Fazenda aceita reduzir juro em ao menos 1% no Plano Safra

Publicado em 19/05/2017

À medida que as negociações dentro do governo federal se aproximam de uma definição em torno do Plano Safra 2017/18, previsto para ser lançado até o fim de maio, a equipe econômica já sinalizou que aceita reduzir em pelo menos 1% as taxas de juros das linhas de financiamento para investimento a juros controlados, apurou o Valor.

Isso significa dizer que os juros recuariam para o patamar de 7,5% ao ano para a maioria das linhas de investimento, a exemplo do PCA, destinado à armazenagem. Apenas uma linha do Moderfrota, que é mais cara e oferece uma taxa de 10,5% ao ano na atual safra (a 2016/17), passaria a ter juros de 9,5% ao ano, conforme o desenho proposto até agora.

Mas o Ministério da Agricultura entende que há espaço para brigar por juros ainda menores. A pasta vem insistindo, desde o início das conversas, em janeiro, numa queda de 2%, tanto para as linhas de investimento quanto para as de custeio. E até já cedeu em seu apetite ao propor recentemente ao Ministério da Fazenda prazos menores para pagamento das operações de crédito rural.

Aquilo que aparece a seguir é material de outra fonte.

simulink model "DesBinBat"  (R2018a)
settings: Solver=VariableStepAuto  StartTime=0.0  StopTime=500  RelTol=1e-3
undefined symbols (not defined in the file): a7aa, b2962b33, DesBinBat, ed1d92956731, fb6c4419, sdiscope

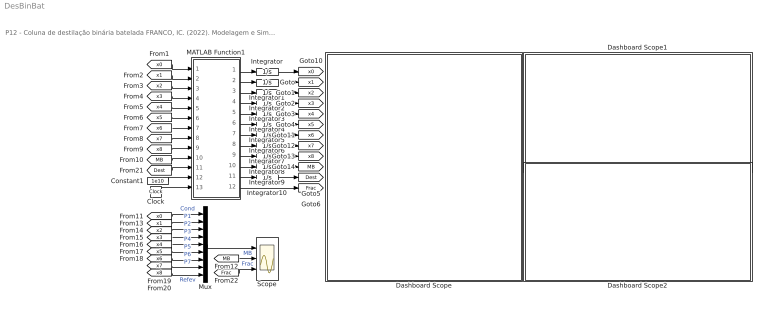
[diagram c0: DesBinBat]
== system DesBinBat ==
  note: P12 - Coluna de destilação binária batelada FRANCO, IC. (2022). Modelagem e Simulação: Problemas Típicos da Engenharia Química para Simulação e Análise. NOTAS DE AULA INOVADORAS. The Journal of Engineering and Exact Sciences. Material Complementar.
  Clock : Clock
  Constant1 : Constant  Value=1e10
  Dashboard Scope : Subsystem  DialogController=hmiCreateDDGDialog  IsWebBlock=on  mask(MWDashboardBlock){webBlockId=b2962b33-9662-4c9c-8271-65e068440fd5, webBlockType=sdiscope, ShowInitialText=on, HMISrcModelName=DesBinBat}
      mask prompts: webBlockId "WebBlock Id"; webBlockType "WebBlock Type"; HMISrcModelName "Source Model"
      mask help: SimulinkHMI:dialogs:HMIScopeDialogDesc
  Dashboard Scope1 : Subsystem  DialogController=hmiCreateDDGDialog  IsWebBlock=on  mask(MWDashboardBlock){webBlockId=fb6c4419-710d-48be-a7aa-ed1d92956731, webBlockType=sdiscope, ShowInitialText=on, HMISrcModelName=DesBinBat}
      mask prompts: webBlockId "WebBlock Id"; webBlockType "WebBlock Type"; HMISrcModelName "Source Model"
      mask help: SimulinkHMI:dialogs:HMIScopeDialogDesc
  Dashboard Scope2 : Subsystem  DialogController=hmiCreateDDGDialog  IsWebBlock=on  mask(MWDashboardBlock){webBlockId=5af55c7c-dcd2-4623-bbe8-5e8f638c5b8e, webBlockType=sdiscope, ShowInitialText=on, HMISrcModelName=DesBinBat}
      mask prompts: webBlockId "WebBlock Id"; webBlockType "WebBlock Type"; HMISrcModelName "Source Model"
      mask help: SimulinkHMI:dialogs:HMIScopeDialogDesc
  Integrator : Integrator  InitialCondition=0.9
  Integrator{1..7,10} (8 alike) : Integrator
  Integrator8 : Integrator  InitialCondition=0.8
  Integrator9 : Integrator  InitialCondition=2500
  MATLAB Function1 : MATLAB Function  TreatAsAtomicUnit=on
  Mux : Mux  Inputs=9
  Scope : Scope  NumInputPorts=3
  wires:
  MATLAB Function1/1(dx0) -> Integrator/1
  Integrator/1 -> [x0]
  [x0] -> MATLAB Function1/1(x0)
  MATLAB Function1/2(dx1) -> Integrator1/1
  Integrator1/1 -> [x1]
  [x1] -> MATLAB Function1/2(x1)
  [x2] -> MATLAB Function1/3(x2)
  MATLAB Function1/3(dx2) -> Integrator2/1
  Integrator2/1 -> [x2]
  [x3] -> MATLAB Function1/4(x3)
  MATLAB Function1/4(dx3) -> Integrator3/1
  Integrator3/1 -> [x3]
  MATLAB Function1/5(dx4) -> Integrator4/1
  Integrator4/1 -> [x4]
  [x4] -> MATLAB Function1/5(x4)
  MATLAB Function1/6(dx5) -> Integrator5/1
  Integrator5/1 -> [x5]
  [x5] -> MATLAB Function1/6(x5)
  MATLAB Function1/7(dx6) -> Integrator6/1
  Integrator6/1 -> [x6]
  [x6] -> MATLAB Function1/7(x6)
  MATLAB Function1/8(dx7) -> Integrator7/1
  [x7] -> MATLAB Function1/8(x7)
  Integrator7/1 -> [x7]
  MATLAB Function1/9(dx8) -> Integrator8/1
  Integrator8/1 -> [x8]
  [x8] -> MATLAB Function1/9(x8)
  Integrator9/1 -> [MB]
  MATLAB Function1/10(dMB) -> Integrator9/1
  Constant1/1 -> MATLAB Function1/12(R)
  [x3] -> Mux/4  "P3"
  [x5] -> Mux/6  "P5"
  [x8] -> Mux/9  "Refev"
  [x2] -> Mux/3  "P2"
  [x0] -> Mux/1  "Cond"
  [x7] -> Mux/8  "P7"
  [x6] -> Mux/7  "P6"
  [x1] -> Mux/2  "P1"
  [x4] -> Mux/5  "P4"
  Mux/1 -> Scope/1
  [MB] -> MATLAB Function1/10(MB)
  MATLAB Function1/11(dDest) -> Integrator10/1
  Integrator10/1 -> [Dest]
  [Dest] -> MATLAB Function1/11(Dest)
  MATLAB Function1/12(Frac) -> [Frac]
  [Frac] -> Scope/3  "Frac"
  Clock/1 -> MATLAB Function1/13(t)
  [MB] -> Scope/2  "MB"

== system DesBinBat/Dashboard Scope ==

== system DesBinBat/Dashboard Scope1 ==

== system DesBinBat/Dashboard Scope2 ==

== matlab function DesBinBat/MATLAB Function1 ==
function [dx0,dx1,dx2,dx3,dx4,dx5,dx6,dx7,dx8,dMB,dDest,Frac]=fcn(x0,x1,x2,x3,x4,x5,x6,x7,x8,MB,Dest,R,t)
%% Parâmetros
M     =  20.00;
M0    = 100.00;
MB0   =2500.00;
V     =  10.00;
alpha =   3.50;

%% Iniciando o processo em refluxo total
if t>75
   R=0.25;
end
if t>150
    R=1.00;
end
if t>250
    R=5.00;
end
if t>350
    R=50.00;
end

%% equações auxiliares
% vazões molares
D = V/(R+1);
L = V-D;

% equilíbrio líquido-vapor
y1=alpha*x1/(1+(alpha-1)*x1);
y2=alpha*x2/(1+(alpha-1)*x2);
y3=alpha*x3/(1+(alpha-1)*x3);
y4=alpha*x4/(1+(alpha-1)*x4);
y5=alpha*x5/(1+(alpha-1)*x5);
y6=alpha*x6/(1+(alpha-1)*x6);
y7=alpha*x7/(1+(alpha-1)*x7);
y8=alpha*x8/(1+(alpha-1)*x8);

% fração de destilado
Frac=Dest/MB0;

%% Modelo matemático
% concensador
dx0=(1/M0)*(V*y1-(L+D)*x0);
% pratos 1 a 7
dx1=(1/M)*(L*(x0-x1)+V*(y2-y1));
dx2=(1/M)*(L*(x1-x2)+V*(y3-y2));
dx3=(1/M)*(L*(x2-x3)+V*(y4-y3));
dx4=(1/M)*(L*(x3-x4)+V*(y5-y4));
dx5=(1/M)*(L*(x4-x5)+V*(y6-y5));
dx6=(1/M)*(L*(x5-x6)+V*(y7-y6));
dx7=(1/M)*(L*(x6-x7)+V*(y8-y7));
% refervedor
dMB=L-V;
dx8=(1/MB)*(L*x7-V*y8);
% total de destilado removido
dDest =D;
end
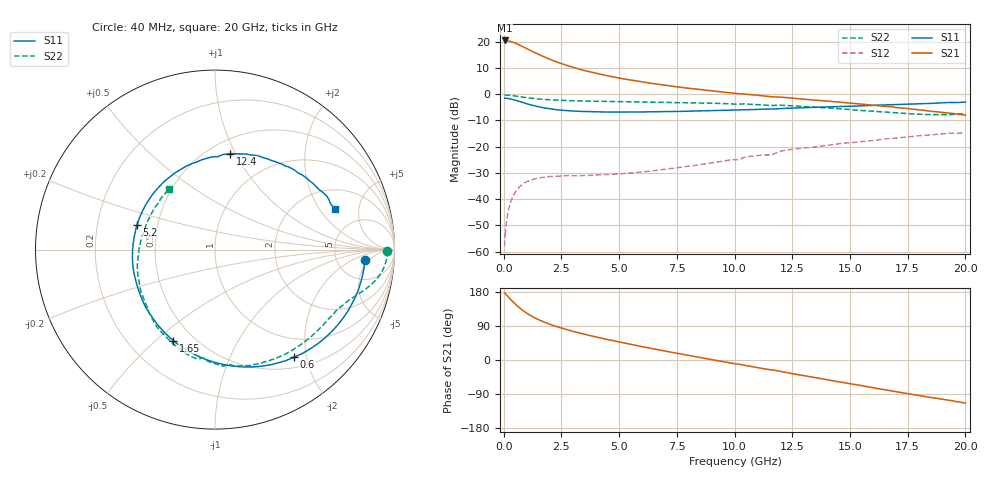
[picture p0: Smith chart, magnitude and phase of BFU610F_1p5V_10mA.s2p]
! Filename:  P:\Prog\Test\Noise\ATS_data\Testdata_Net\SplitFiles\BFU610_2W_A5_HighFreq_1.5V_10mA_D.s2p
! Date/Time: Wed 10/Aug/2011 16:54:26
! BFU610_2W_A5_HighFreq_Bias6_1.5V_1mA_10mA_R.s2p
! MDIF S-parameter v. bias file
! BFU610_2W_A5_HighFreq_1.5V_1mA_10mA
! Date/time Mon Aug 08 13:57:57 2011
! VAR V_out= 1.4999
! VAR I_out= 10.0050
! VAR V_in= 0.9422
! VAR I_in= 0.1007
! Device data file deembeded for feedlines and parallel
! Original file: \SplitFiles\BFU610_2W_A5_HighFreq_1.5V_10mA_R.s2p
! Feed-files: PR003V01_101208_Feed1.s2p, PR003V01_101208_Feed2.s2p
! Parallel-file: PR003V01_101208_Par.s2p
# MHz S MA R 50
!  Freq-MHz  S11-mag  S11-arg  S21-mag  S21-arg  S12-mag  S12-arg  S22-mag  S22-arg
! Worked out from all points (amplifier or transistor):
!   167 points, 40 MHz to 20 GHz, reference 50 ohm
!   highest |S21| = 20.4 dB at 40 MHz (marker M1)
!   |S21| within 3 dB of that: start of sweep to 974.5 MHz
!   unconditionally stable (mu >= 1): start of sweep to 41.79 MHz; 1.724 GHz to end of sweep
!   at 550 MHz: K = 0.37, MSG = 28.0 dB, |S12| = -36.7 dB
!   at 4.2 GHz: K = 2.51, MAG = 12.3 dB, |S12| = -30.7 dB
!   at 20 GHz: K = 2.78, MAG = -3.9 dB, |S12| = -14.7 dB
!   S11 on the Smith chart (normalised r, x): 40 MHz: 10, -4; 600 MHz: 0.66, -1.79; 1.65 GHz: 0.39, -0.57; 5.2 GHz: 0.38, +0.13; 12.4 GHz: 0.63, +0.95; 20 GHz: 3.11, +2.78
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40  0.8378 -3.8  10.53 177.3  0.001273 73.6  0.9591 -0.4
50  0.8353 -5.2  10.49 176.9  0.002136 75.6  0.9599 -0.7
60  0.835 -5.6  10.52 175.7  0.001929 71.7  0.9608 -0.9
140  0.8314 -13.3  10.41 170.4  0.004185 78.5  0.9585 -2.9
260  0.8161 -24.6  10.18 162.3  0.007598 74.3  0.9495 -5.4
340  0.8017 -31.8  9.927 157.2  0.009762 70.9  0.9409 -7.0
480  0.7722 -43.9  9.433 148.7  0.01318 64.7  0.923 -9.4
600  0.7445 -53.6  8.969 142.0  0.01568 59.8  0.906 -11.3
800  0.6988 -68.4  8.15 132.1  0.01902 52.5  0.8783 -13.8
1100  0.6364 -87.5  6.986 119.7  0.02246 44.2  0.8424 -16.7
1350  0.5953 -101.0  6.168 111.2  0.02437 39.1  0.819 -18.6
1650  0.5576 -114.7  5.357 102.7  0.02584 34.5  0.7976 -20.7
2000  0.5251 -128.1  4.611 94.2  0.02696 30.7  0.7802 -23.0
2400  0.5008 -141.0  3.95 86.1  0.02762 28.4  0.7617 -25.6
3400  0.4683 -165.6  2.895 69.5  0.02805 26.4  0.7405 -32.1
5200  0.4559 162.7  1.952 45.1  0.03076 31.5  0.7179 -44.7
6800  0.4623 140.8  1.516 25.8  0.03613 37.3  0.7005 -56.7
10200  0.4975 102.2  1.015 -11.4  0.0564 41.6  0.6456 -83.4
12400  0.5402 81.1  0.8474 -34.9  0.08787 33.6  0.6036 -105.0
13400  0.56 72.0  0.7734 -45.5  0.09781 26.9  0.5671 -116.0
16800  0.6286 43.6  0.5734 -81.6  0.1431 3.2  0.4472 -164.9
20000  0.7035 18.7  0.3985 -113.6  0.1836 -28.0  0.423 126.9
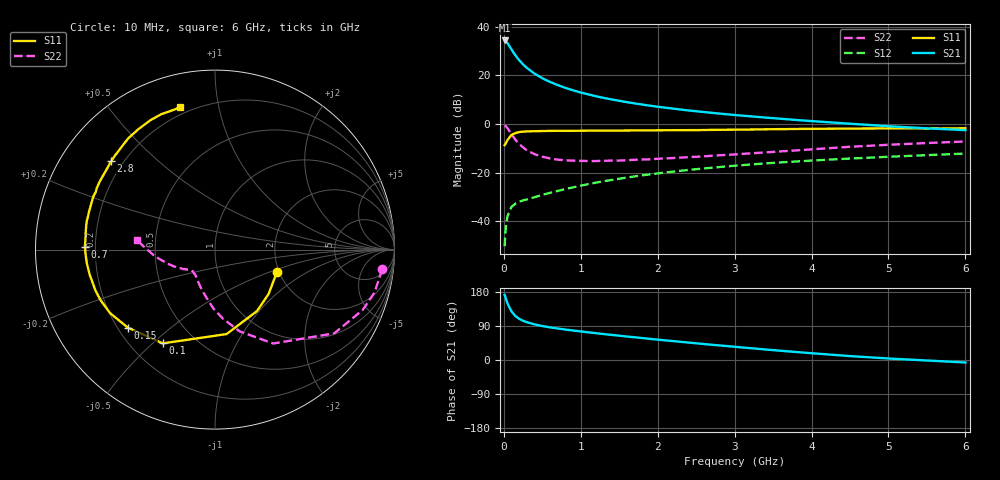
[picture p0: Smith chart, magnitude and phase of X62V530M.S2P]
! SIEMENS Small Signal Semiconductors
! BFP193W
! Si NPN RF Bipolar Junction Transistor in SOT343
! VCE = 2.5 V  IC = 30 mA
! Common Emitter S-Parameters:  April 1994
# GHz  S  MA  R  50
!  f  S11  S21  S12  S22
! GHz  MAG  ANG  MAG  ANG  MAG  ANG  MAG  ANG
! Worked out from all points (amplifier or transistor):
!   40 points, 10 MHz to 6 GHz, reference 50 ohm
!   highest |S21| = 34.3 dB at 10 MHz (marker M1)
!   |S21| within 3 dB of that: start of sweep to 85.71 MHz
!   unconditionally stable (mu >= 1): 758.3 MHz to 3.987 GHz
!   at 200 MHz: K = 0.45, MSG = 29.0 dB, |S12| = -31.9 dB
!   at 1.5 GHz: K = 1.13, MAG = 13.8 dB, |S12| = -22.5 dB
!   at 6 GHz: K = 0.94, MSG = 4.8 dB, |S12| = -12.1 dB
!   lowest NFmin = 1.90 dB at 450 MHz
!   S11 on the Smith chart (normalised r, x): 10 MHz: 1.94, -0.56; 100 MHz: 0.33, -0.54; 150 MHz: 0.24, -0.36; 700 MHz: 0.16, +0.01; 2.8 GHz: 0.15, +0.36; 6 GHz: 0.16, +0.77
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0.01  0.3669 -20.0  51.95 172.2  0.0031 86.1  0.9381 -6.7
0.02  0.3874 -39.4  51.18 166.2  0.0059 75.9  0.9202 -15.1
0.03  0.4148 -55.6  49.69 159.8  0.0087 76.6  0.8891 -22.2
0.05  0.475 -82.2  45.21 148.1  0.0132 63.8  0.8117 -35.1
0.1  0.5978 -119.1  33.87 128.2  0.0199 50.2  0.6156 -58.2
0.15  0.6517 -138.1  25.72 116.1  0.0232 43.8  0.476 -73.2
0.2  0.6834 -148.8  20.33 108.7  0.0254 41.4  0.3869 -83.5
0.25  0.6972 -156.2  16.78 103.5  0.027 41.9  0.3305 -91.2
0.3  0.7039 -161.2  14.13 99.8  0.0283 42.8  0.2873 -97.5
0.4  0.7119 -168.7  10.79 93.9  0.0315 44.7  0.2398 -107.0
0.5  0.7179 -173.7  8.722 89.6  0.035 47.9  0.2131 -114.2
0.6  0.7209 -177.5  7.297 86.1  0.0386 50.1  0.1962 -119.9
0.7  0.7257 178.9  6.314 83.1  0.0422 52.2  0.1856 -124.1
0.9  0.7253 173.8  4.916 77.8  0.05 55.1  0.1769 -130.4
1.1  0.73 169.5  4.05 73.0  0.0584 56.9  0.1734 -134.8
1.6  0.7355 159.7  2.814 61.9  0.0796 58.2  0.1803 -140.8
2.2  0.7458 149.4  2.068 49.9  0.1054 56.6  0.1999 -147.2
2.8  0.76 139.7  1.639 38.5  0.1306 53.3  0.2281 -153.1
3.2  0.7702 133.6  1.441 31.3  0.147 50.8  0.2492 -158.1
4.5  0.8055 116.6  1.013 10.3  0.1952 41.6  0.3404 -174.3
5.5  0.8109 108.0  0.815 -1.3  0.2294 35.1  0.4066 176.5
6  0.8163 103.8  0.748 -6.6  0.2472 32.1  0.4379 172.9
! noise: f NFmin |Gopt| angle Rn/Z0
0.45  1.9  0.4  180  0.09
0.9  1.95  0.43  -173  0.11
1.8  2.4  0.58  -144  0.24
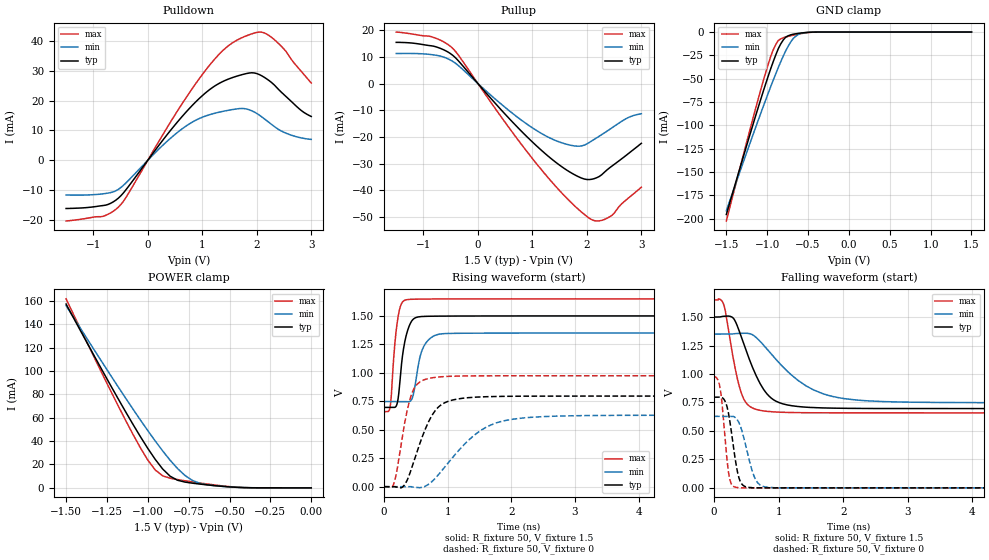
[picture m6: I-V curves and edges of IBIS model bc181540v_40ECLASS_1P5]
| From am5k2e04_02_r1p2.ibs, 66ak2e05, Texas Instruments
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|   Model Cell bc181540v_40ECLASS_1P5
|bc181540v_40ECLASS_1P5
[Model]   bc181540v_40ECLASS_1P5
Model_type   I/O
Polarity   Non-Inverting
Enable   Active-Low
Vinl =  0.525
Vinh =  0.975
Cref =  15.0000pF
Rref =  100.0000M
Vref =  0V
Vmeas =  0.75
C_comp   1.17072p   0.570099p   1.17447p
[Model Spec]
Vinl   0.525   0.4725   0.5775
Vinh   0.975   0.8775   1.0725
[Temperature Range]   25   125   -40
[Voltage Range]   1.5   1.35   1.65
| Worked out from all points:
|   slope of the pulldown table from 0 to 0.225 V, typ, clamps not added: 40.7 ohm
|   slope of the pullup table from 0 to 0.225 V, typ, clamps not added: 42.7 ohm
|   GND clamp passes 1 mA (typ) near -0.58 V on its own axis
|   POWER clamp passes 1 mA (typ) near -0.52 V on its own axis
|   rising waveform, R_fixture 50, V_fixture 1.5: 20-80 % time 114ps typ, 140ps min, 88.3ps max; typ from 0.696 V to 1.5 V
|   rising waveform, R_fixture 50, V_fixture 0: 20-80 % time 333ps typ, 657ps min, 196ps max; typ from 0 V to 0.796 V
|   falling waveform, R_fixture 50, V_fixture 1.5: 20-80 % time 363ps typ, 710ps min, 204ps max; typ from 1.5 V to 0.696 V
|   falling waveform, R_fixture 50, V_fixture 0: 20-80 % time 126ps typ, 173ps min, 94.4ps max; typ from 0.796 V to 0 V
[POWER_clamp]
|   voltage   I(typ)   I(min)   I(max)
-1.5V     157.2mA    155.9mA    161.7mA
-1.273V   98.95mA    106mA      95.87mA
-1.091V   54.38mA    67.4mA     45.82mA
-1V       33.74mA    48.95mA    23.8mA
-954.5mV  24.35mA    40.1mA     15.29mA
-909.1mV  16.14mA    31.61mA    10.28mA
-863.6mV  9.975mA    23.68mA    8.252mA
-818.2mV  6.508mA    16.53mA    7.086mA
-727.3mV  4mA        6.353mA    5.092mA
-681.8mV  3.231mA    3.88mA     4.159mA
-409.1mV  177.3uA    258.7uA    224.6uA
0V        677pA      15.94nA    186.8pA
[Pulldown]
|   voltage   I(typ)   I(min)   I(max)
-1.5V     -16.18mA   -11.66mA   -20.38mA
-818.2mV  -15.18mA   -11.25mA   -18.79mA
-500mV    -12.01mA   -9.214mA   -14.96mA
272.7mV   6.67mA     4.988mA    8.497mA
727.3mV   16.67mA    11.78mA    21.68mA
1.273V    25.41mA    15.97mA    34.86mA
1.636V    28.23mA    17.24mA    40.29mA
1.955V    29.29mA    16.18mA    42.68mA
2.182V    27.31mA    13.3mA     42.34mA
2.545V    21.24mA    9.012mA    36.3mA
2.818V    16.68mA    7.5mA      29.79mA
3V        14.69mA    6.98mA     25.92mA
[Pullup]
|   voltage   I(typ)   I(min)   I(max)
-1.5V     15.42mA    11.25mA    19.29mA
-863.6mV  14.15mA    10.86mA    17.6mA
-454.5mV  10.44mA    8.203mA    13.01mA
545.5mV   -12.48mA   -9.696mA   -15.83mA
1.136V    -24.46mA   -18.34mA   -31.54mA
1.727V    -33.62mA   -23.21mA   -44.88mA
1.909V    -35.45mA   -23.32mA   -48.26mA
2.045V    -35.95mA   -22.05mA   -50.44mA
2.227V    -34.79mA   -19.71mA   -51.42mA
2.409V    -31.68mA   -17.28mA   -50.01mA
2.773V    -26.05mA   -12.61mA   -42.7mA
3V        -22.38mA   -11.31mA   -38.83mA
[GND_clamp]
|   voltage   I(typ)   I(min)   I(max)
-1.5V     -195.7mA   -191.7mA   -202.6mA
-1.227V   -114.7mA   -123.3mA   -110.1mA
-1.045V   -62.85mA   -79.19mA   -51.48mA
-954.5mV  -38.7mA    -58mA      -25.52mA
-893.9mV  -24.32mA   -44.5mA    -13.19mA
-863.6mV  -17.74mA   -37.93mA   -9.007mA
-772.7mV  -5.381mA   -20.03mA   -5.301mA
-681.8mV  -2.343mA   -6.948mA   -3.394mA
-621.2mV  -1.47mA    -2.783mA   -2.285mA
-560.6mV  -800.4uA   -1.037mA   -1.331mA
-348.5mV  -9.367uA   -19.45uA   -12.08uA
1.5V      677pA      908.2nA    87.75pA
[Ramp]
| variable   typ   min   max
dV/dt_f   0.487548/0.36543382n   0.365916/0.71447287n   0.600714/0.20512877n
dV/dt_r  0.4837218/0.33565985n 0.38231568/0.66274953n 0.58878498/0.19650698n
R_load = 50
[Rising Waveform]
R_fixture = 50
V_fixture = 1.5
V_fixture_min = 1.35
V_fixture_max = 1.65
|   time   V(typ)   V(min)   V(max)
0s        696.1mV    747.8mV    659.1mV
103.1ps   696.2mV    747.8mV    722.3mV
158.5ps   695.6mV    747.8mV    1.173V
206.5ps   727.6mV    747.8mV    1.435V
296.2ps   1.171V     747.9mV    1.626V
380.5ps   1.388V     746mV      1.645V
460.5ps   1.472V     807.5mV    1.647V
630.1ps   1.496V     1.238V     1.649V
924.9ps   1.499V     1.344V     1.65V
16.75ns   1.5V       1.35V      1.65V
[Rising Waveform]
R_fixture = 50
V_fixture = 0
V_fixture_min = 0
V_fixture_max = 0
|   time   V(typ)   V(min)   V(max)
0s        0V         0V         0V
162ps     0V         0V         39.35mV
318.8ps   12.83mV    0V         538.4mV
394.6ps   97.77mV    0V         739.6mV
470.7ps   224.4mV    -4.385mV   859.8mV
686.6ps   554.2mV    15.86mV    948.5mV
844.6ps   693.8mV    98.49mV    962.9mV
1.522ns   788.6mV    495.3mV    973.9mV
2.302ns   795.3mV    609.1mV    974.5mV
16.71ns   795.9mV    627.8mV    974.5mV
[Falling Waveform]
R_fixture = 50
V_fixture = 1.5
V_fixture_min = 1.35
V_fixture_max = 1.65
|   time   V(typ)   V(min)   V(max)
0s        1.5V       1.35V      1.65V
150.1ps   1.507V     1.35V      1.609V
310.5ps   1.481V     1.353V     1.096V
459.7ps   1.264V     1.358V     780.4mV
626.6ps   1.016V     1.332V     693.8mV
801.1ps   838mV      1.231V     672.8mV
1.051ns   739.7mV    1.071V     663.6mV
1.54ns    704.8mV    860.3mV    659.2mV
2.378ns   697mV      764mV      658.5mV
16.75ns   696.1mV    747.8mV    658.4mV
[Falling Waveform]
R_fixture = 50
V_fixture = 0
V_fixture_min = 0
V_fixture_max = 0
|   time   V(typ)   V(min)   V(max)
0s        795.9mV    627.8mV    974.5mV
96.3ps    797mV      627.8mV    867.2mV
198ps     718.9mV    627.8mV    261.8mV
232.8ps   624.9mV    627.7mV    103.9mV
263.5ps   509.9mV    628.4mV    38.81mV
384.6ps   88.98mV    572.7mV    0V
459.6ps   17.63mV    442.2mV    0V
650ps     0V         65.3mV     0V
941.2ps   0V         0V         0V
16.71ns   0V         0V         0V

As reuniões entre técnicos de governo acontecem quase que diariamente para acertar os detalhes finais. Mas as discussões estão acaloradas. Assim como o ministro Blairo Maggi, da Agricultura, não abre mão de juros mais baixos, o ministro da Fazenda, Henrique Meirelles, também faz questão de enfatizar as restrições fiscais que impedem o Tesouro de gastar mais do que R$ 8.7 bilhões com a equalização das taxas de juros do crédito rural em 2017/18.

A equipe econômica se vale de um estudo do Banco Central, segundo o qual para cada redução de um ponto percentual nas taxas de juro do Plano Safra, o Tesouro precisaria desembolsar R$ 2.5 bilhões em gastos com equalização.

A decisão final, no entanto, sempre invade o campo político e depende dos ministros envolvidos com o assunto para bater o martelo. Mas enquanto Maggi dá prosseguimento à sua viagem ao Oriente Médio para tentar restaurar a confiança de países importadores na qualidade da carne brasileira, após a operação Carne Fraca, Meirelles está na lista dos ministros que terão a árdua missão de acalmar os mercados, diante da crise instalada no governo depois de denúncias contra o presidente Michel Temer.

No setor do agronegócio é grande a expectativa de que o Conselho Monetário Nacional (CMN) já defina novos juros e novo volume de recursos a juros controlados, em sua próxima reunião, marcada para a próxima quinta-feira, dia 25. Por isso, técnicos do governo querem pelo menos encerrar até o fim da próxima semana as tratativas técnicas para adiantar as regulamentações necessárias para viabilizar o próximo Plano Safra.